*TASK PROMPT*:
Looking at the listing below, retype exactly the lines starting at the one containing "#68 = VECTOR ( 'NONE', #228, 1000. ) ;" and ending at the one containing "#228 = DIRECTION", both included, and nothing else.

*SUPPLIED ENTRIES*:
Content starts

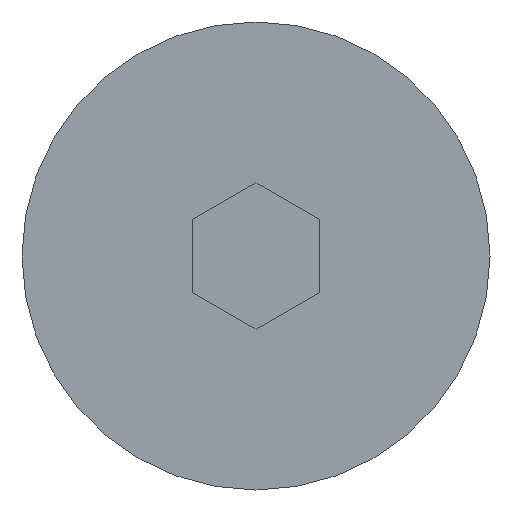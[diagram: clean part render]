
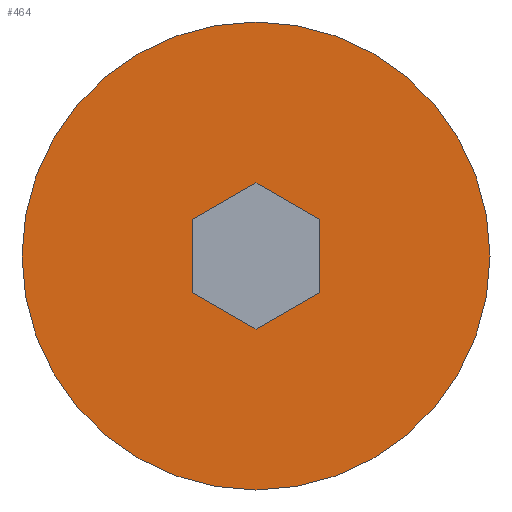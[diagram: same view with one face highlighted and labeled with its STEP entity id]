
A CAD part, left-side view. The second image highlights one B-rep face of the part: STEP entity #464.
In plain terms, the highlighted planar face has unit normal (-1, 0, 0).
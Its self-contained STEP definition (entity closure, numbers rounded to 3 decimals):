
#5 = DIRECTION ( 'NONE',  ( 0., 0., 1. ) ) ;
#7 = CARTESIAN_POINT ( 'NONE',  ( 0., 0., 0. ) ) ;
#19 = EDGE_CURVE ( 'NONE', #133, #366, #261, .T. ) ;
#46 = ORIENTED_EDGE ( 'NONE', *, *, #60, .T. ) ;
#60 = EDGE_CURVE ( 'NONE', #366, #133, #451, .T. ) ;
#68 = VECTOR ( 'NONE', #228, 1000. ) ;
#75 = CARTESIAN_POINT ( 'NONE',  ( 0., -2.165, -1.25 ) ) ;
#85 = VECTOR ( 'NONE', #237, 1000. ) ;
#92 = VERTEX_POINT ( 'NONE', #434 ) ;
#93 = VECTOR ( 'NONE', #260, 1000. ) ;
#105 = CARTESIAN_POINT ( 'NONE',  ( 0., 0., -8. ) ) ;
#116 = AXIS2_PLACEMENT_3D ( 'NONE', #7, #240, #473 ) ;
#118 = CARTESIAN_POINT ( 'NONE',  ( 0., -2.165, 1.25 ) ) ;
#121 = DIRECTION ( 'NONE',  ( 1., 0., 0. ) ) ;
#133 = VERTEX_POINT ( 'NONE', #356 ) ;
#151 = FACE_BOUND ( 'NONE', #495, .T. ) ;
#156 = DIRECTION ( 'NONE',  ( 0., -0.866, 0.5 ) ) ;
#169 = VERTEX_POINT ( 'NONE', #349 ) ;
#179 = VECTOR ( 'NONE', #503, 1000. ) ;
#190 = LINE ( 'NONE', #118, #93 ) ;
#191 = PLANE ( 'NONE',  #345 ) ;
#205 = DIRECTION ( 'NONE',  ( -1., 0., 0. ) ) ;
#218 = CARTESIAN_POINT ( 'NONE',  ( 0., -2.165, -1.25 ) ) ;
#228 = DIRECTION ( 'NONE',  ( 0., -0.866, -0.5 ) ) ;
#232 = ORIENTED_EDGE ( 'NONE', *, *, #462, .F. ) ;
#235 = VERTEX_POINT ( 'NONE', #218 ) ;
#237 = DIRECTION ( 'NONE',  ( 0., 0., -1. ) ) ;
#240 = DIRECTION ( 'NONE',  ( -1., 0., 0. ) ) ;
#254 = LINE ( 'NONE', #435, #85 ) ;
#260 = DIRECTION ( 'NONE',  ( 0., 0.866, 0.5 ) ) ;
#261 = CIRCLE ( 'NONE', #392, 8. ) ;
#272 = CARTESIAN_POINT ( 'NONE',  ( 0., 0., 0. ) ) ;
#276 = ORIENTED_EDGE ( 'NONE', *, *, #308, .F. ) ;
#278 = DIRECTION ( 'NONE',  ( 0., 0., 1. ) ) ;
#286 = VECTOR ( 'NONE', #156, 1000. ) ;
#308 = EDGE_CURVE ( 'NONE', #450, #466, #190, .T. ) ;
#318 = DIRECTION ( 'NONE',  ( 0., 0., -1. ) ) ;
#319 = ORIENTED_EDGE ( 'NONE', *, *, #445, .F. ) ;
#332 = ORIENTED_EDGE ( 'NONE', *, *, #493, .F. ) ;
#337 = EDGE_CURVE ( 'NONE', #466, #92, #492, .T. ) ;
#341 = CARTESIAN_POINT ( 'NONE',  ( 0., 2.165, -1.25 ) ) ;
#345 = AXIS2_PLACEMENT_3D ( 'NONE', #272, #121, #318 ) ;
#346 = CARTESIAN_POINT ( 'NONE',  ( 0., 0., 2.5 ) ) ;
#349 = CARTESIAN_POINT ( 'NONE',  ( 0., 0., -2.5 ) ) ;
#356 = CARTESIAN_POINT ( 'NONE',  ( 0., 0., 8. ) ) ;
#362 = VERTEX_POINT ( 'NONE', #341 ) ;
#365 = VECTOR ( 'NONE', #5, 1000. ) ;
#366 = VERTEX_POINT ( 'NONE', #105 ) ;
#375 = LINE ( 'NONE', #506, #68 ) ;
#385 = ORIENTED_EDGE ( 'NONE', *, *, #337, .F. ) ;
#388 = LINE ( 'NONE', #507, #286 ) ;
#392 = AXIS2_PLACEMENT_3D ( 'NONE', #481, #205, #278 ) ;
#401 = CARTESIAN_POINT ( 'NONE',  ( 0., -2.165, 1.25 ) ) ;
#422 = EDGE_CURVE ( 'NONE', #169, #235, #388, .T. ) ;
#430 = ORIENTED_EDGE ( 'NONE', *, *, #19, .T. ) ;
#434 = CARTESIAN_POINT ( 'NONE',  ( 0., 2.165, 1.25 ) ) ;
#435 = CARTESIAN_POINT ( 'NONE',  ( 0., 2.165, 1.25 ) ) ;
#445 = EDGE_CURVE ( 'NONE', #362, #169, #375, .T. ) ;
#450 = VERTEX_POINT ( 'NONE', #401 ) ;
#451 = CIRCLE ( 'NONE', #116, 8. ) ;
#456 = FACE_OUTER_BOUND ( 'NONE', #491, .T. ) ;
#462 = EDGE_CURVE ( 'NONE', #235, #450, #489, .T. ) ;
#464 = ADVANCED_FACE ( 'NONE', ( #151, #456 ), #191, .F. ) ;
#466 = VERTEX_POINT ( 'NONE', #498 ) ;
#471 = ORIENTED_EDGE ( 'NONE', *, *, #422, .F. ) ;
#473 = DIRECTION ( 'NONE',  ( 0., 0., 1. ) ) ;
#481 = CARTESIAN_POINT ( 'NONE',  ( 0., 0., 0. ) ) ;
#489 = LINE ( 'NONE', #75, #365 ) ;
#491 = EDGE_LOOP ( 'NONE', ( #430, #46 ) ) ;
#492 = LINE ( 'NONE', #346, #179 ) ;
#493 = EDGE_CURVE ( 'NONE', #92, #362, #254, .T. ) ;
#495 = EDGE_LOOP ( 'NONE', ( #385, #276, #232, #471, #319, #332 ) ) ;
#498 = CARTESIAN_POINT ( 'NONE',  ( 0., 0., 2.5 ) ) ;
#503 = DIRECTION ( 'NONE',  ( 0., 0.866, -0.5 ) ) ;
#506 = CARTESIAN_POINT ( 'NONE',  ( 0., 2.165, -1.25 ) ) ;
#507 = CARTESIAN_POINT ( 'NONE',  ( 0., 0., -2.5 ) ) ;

Content ends

*EXERCISE RESULT*:
#68 = VECTOR ( 'NONE', #228, 1000. ) ;
#75 = CARTESIAN_POINT ( 'NONE',  ( 0., -2.165, -1.25 ) ) ;
#85 = VECTOR ( 'NONE', #237, 1000. ) ;
#92 = VERTEX_POINT ( 'NONE', #434 ) ;
#93 = VECTOR ( 'NONE', #260, 1000. ) ;
#105 = CARTESIAN_POINT ( 'NONE',  ( 0., 0., -8. ) ) ;
#116 = AXIS2_PLACEMENT_3D ( 'NONE', #7, #240, #473 ) ;
#118 = CARTESIAN_POINT ( 'NONE',  ( 0., -2.165, 1.25 ) ) ;
#121 = DIRECTION ( 'NONE',  ( 1., 0., 0. ) ) ;
#133 = VERTEX_POINT ( 'NONE', #356 ) ;
#151 = FACE_BOUND ( 'NONE', #495, .T. ) ;
#156 = DIRECTION ( 'NONE',  ( 0., -0.866, 0.5 ) ) ;
#169 = VERTEX_POINT ( 'NONE', #349 ) ;
#179 = VECTOR ( 'NONE', #503, 1000. ) ;
#190 = LINE ( 'NONE', #118, #93 ) ;
#191 = PLANE ( 'NONE',  #345 ) ;
#205 = DIRECTION ( 'NONE',  ( -1., 0., 0. ) ) ;
#218 = CARTESIAN_POINT ( 'NONE',  ( 0., -2.165, -1.25 ) ) ;
#228 = DIRECTION ( 'NONE',  ( 0., -0.866, -0.5 ) ) ;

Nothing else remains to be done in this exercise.